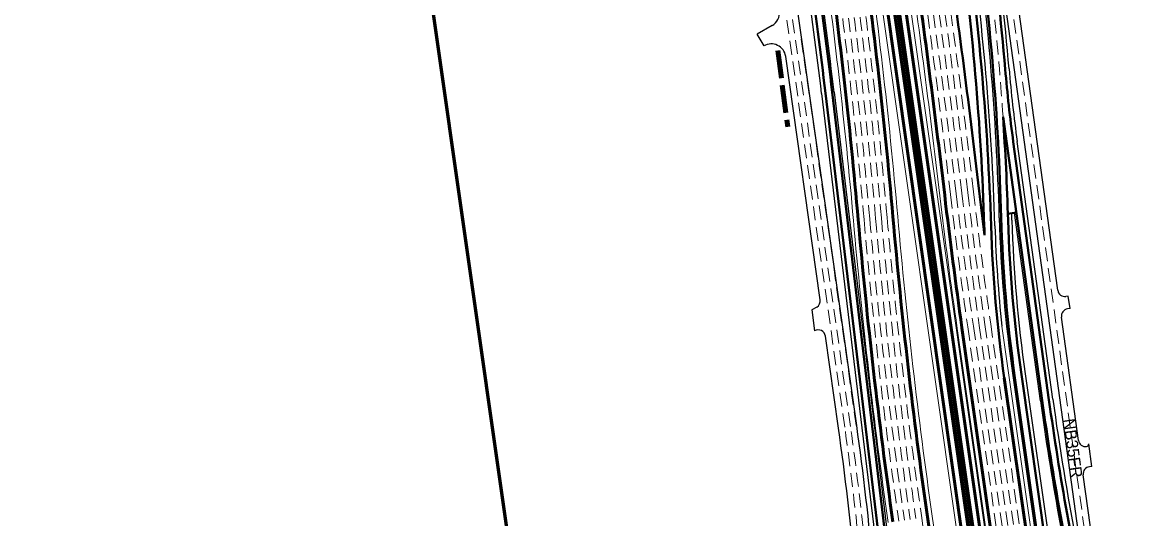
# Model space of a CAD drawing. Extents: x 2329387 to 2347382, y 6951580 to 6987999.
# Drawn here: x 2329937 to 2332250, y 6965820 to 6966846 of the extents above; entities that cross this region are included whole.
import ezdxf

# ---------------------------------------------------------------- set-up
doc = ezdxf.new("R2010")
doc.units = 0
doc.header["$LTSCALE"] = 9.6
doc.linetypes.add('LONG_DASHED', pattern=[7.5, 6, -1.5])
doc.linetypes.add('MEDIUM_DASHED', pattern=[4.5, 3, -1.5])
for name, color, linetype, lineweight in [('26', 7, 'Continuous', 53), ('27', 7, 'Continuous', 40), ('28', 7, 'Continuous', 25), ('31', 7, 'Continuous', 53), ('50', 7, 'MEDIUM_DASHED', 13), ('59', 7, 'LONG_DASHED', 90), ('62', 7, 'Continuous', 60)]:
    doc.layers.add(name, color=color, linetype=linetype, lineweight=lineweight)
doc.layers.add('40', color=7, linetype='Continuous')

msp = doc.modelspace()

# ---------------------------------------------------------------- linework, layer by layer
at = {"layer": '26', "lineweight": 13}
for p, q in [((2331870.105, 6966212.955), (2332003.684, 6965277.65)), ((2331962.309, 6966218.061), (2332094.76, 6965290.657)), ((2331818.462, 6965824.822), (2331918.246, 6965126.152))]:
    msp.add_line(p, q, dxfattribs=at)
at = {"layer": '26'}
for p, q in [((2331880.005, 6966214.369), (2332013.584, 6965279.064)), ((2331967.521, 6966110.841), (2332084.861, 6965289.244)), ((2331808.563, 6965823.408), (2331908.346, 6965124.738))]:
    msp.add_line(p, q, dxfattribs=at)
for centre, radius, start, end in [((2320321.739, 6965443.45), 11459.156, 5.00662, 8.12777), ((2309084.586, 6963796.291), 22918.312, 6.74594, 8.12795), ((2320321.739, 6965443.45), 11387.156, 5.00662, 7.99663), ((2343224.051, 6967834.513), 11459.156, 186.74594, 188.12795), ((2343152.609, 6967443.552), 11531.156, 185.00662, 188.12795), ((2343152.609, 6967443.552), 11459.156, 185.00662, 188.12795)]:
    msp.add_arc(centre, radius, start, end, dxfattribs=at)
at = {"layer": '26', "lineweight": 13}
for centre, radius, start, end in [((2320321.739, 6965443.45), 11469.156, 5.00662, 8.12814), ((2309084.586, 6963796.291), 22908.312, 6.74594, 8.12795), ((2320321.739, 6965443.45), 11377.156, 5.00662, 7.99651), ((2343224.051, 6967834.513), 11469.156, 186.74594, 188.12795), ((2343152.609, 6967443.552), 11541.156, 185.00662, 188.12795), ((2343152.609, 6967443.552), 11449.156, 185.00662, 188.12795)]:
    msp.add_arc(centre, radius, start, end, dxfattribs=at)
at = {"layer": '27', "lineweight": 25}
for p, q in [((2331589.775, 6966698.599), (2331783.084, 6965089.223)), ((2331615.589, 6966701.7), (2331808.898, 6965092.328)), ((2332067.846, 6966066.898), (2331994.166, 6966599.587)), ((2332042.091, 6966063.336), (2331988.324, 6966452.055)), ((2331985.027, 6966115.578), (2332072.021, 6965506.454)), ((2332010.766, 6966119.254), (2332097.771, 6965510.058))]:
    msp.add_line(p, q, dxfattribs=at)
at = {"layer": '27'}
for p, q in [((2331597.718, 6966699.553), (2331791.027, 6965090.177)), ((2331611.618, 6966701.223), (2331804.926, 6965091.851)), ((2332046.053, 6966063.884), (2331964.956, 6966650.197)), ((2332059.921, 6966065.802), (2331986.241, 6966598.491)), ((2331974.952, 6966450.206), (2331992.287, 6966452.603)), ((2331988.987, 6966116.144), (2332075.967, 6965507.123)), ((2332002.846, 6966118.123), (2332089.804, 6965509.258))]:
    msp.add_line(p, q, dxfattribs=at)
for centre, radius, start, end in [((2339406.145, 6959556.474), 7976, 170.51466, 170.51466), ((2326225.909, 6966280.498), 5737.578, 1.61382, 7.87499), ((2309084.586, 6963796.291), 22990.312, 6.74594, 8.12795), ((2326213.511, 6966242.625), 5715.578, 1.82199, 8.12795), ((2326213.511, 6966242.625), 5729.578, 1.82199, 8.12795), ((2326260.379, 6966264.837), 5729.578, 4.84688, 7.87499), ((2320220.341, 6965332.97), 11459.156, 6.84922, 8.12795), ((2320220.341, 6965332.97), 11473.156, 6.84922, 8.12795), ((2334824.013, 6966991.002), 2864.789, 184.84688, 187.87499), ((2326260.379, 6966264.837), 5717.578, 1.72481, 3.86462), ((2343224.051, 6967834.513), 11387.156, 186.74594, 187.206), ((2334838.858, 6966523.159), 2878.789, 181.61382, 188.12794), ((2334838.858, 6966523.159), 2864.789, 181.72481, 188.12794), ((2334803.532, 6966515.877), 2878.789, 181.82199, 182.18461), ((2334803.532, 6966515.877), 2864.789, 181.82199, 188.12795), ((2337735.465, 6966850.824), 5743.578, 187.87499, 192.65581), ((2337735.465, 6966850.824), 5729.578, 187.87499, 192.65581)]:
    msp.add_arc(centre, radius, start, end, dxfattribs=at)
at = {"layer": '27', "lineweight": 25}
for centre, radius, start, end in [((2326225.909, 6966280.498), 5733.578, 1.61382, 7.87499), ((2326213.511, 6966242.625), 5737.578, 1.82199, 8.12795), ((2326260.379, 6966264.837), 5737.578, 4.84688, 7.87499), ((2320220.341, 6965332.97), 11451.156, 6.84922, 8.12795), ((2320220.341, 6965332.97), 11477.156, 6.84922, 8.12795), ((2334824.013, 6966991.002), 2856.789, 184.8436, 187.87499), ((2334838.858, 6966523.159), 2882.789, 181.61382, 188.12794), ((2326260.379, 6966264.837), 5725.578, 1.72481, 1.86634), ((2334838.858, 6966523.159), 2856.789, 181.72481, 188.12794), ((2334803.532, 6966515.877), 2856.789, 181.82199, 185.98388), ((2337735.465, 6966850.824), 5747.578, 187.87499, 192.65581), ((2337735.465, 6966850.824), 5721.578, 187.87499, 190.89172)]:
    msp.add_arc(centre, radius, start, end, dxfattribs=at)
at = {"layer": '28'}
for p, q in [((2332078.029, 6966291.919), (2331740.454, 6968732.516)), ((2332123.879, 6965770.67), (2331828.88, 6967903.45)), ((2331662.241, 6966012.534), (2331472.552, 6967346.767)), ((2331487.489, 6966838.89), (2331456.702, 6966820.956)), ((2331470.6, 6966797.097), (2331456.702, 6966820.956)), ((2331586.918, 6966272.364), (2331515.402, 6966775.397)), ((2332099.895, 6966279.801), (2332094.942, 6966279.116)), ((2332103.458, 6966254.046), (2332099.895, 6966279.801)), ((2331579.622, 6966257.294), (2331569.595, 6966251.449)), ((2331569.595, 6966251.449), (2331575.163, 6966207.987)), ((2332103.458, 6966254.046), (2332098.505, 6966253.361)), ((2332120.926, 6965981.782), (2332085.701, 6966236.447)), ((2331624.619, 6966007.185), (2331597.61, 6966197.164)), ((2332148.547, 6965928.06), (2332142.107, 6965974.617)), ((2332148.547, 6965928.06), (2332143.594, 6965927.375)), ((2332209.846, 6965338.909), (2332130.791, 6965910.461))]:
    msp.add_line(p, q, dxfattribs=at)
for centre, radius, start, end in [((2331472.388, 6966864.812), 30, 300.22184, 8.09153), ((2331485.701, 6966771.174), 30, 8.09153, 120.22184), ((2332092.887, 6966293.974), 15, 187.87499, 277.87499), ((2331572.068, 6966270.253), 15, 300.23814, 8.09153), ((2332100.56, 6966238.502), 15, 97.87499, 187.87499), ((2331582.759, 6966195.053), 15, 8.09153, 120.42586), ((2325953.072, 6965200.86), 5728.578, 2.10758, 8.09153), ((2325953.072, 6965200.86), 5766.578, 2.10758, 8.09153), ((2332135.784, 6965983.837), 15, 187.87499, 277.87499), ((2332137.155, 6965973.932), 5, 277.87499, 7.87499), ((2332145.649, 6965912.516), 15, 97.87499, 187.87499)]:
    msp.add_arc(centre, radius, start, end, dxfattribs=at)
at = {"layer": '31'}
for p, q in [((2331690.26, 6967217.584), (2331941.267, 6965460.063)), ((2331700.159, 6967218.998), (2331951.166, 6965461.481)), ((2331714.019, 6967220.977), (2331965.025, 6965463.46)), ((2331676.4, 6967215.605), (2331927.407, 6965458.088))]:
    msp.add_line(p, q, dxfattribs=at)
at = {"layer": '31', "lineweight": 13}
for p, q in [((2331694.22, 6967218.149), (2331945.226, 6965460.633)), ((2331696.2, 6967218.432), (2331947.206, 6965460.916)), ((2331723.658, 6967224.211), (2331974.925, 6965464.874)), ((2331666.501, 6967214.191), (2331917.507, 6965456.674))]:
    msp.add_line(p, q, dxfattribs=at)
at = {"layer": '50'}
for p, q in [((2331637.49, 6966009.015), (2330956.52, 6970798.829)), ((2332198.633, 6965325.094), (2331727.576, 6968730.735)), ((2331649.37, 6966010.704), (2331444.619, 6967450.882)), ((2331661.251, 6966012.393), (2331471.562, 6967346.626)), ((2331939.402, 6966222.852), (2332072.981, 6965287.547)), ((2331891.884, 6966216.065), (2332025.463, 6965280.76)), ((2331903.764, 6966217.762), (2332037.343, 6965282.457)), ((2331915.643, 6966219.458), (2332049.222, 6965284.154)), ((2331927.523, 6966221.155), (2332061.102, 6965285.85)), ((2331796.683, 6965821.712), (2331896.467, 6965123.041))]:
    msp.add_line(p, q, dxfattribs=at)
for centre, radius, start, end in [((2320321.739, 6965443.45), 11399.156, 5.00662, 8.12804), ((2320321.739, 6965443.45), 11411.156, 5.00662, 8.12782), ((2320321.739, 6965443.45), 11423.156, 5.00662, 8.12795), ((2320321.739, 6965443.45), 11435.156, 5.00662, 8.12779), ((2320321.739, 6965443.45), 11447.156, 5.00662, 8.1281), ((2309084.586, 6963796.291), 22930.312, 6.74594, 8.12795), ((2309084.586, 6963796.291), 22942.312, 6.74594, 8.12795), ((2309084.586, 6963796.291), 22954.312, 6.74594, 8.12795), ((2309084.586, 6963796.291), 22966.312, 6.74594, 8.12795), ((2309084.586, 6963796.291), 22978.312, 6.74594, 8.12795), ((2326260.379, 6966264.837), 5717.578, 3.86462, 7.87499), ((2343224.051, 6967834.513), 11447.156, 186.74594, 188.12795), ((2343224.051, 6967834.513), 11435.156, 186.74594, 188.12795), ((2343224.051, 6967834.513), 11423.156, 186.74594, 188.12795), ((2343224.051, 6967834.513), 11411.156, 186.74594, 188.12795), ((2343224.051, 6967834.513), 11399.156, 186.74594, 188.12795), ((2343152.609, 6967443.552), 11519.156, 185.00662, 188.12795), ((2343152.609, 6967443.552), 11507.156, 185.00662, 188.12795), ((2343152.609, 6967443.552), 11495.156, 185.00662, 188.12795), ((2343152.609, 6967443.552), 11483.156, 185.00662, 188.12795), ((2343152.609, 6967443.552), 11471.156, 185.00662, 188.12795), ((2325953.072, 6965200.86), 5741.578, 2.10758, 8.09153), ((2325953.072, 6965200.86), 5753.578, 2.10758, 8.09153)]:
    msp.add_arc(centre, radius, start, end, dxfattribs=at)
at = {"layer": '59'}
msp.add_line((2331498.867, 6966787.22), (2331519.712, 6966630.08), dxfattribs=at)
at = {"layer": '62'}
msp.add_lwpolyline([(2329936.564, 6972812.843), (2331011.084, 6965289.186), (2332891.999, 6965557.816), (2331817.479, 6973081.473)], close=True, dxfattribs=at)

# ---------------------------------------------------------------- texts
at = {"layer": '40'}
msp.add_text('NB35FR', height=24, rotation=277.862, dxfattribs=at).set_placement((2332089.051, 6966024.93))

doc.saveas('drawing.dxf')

- _Problem to work on_: Whenever the word "name" shows up in a line, that line counts. Say how many lines of the data count, giving the number alone.

- _Written solution_: 2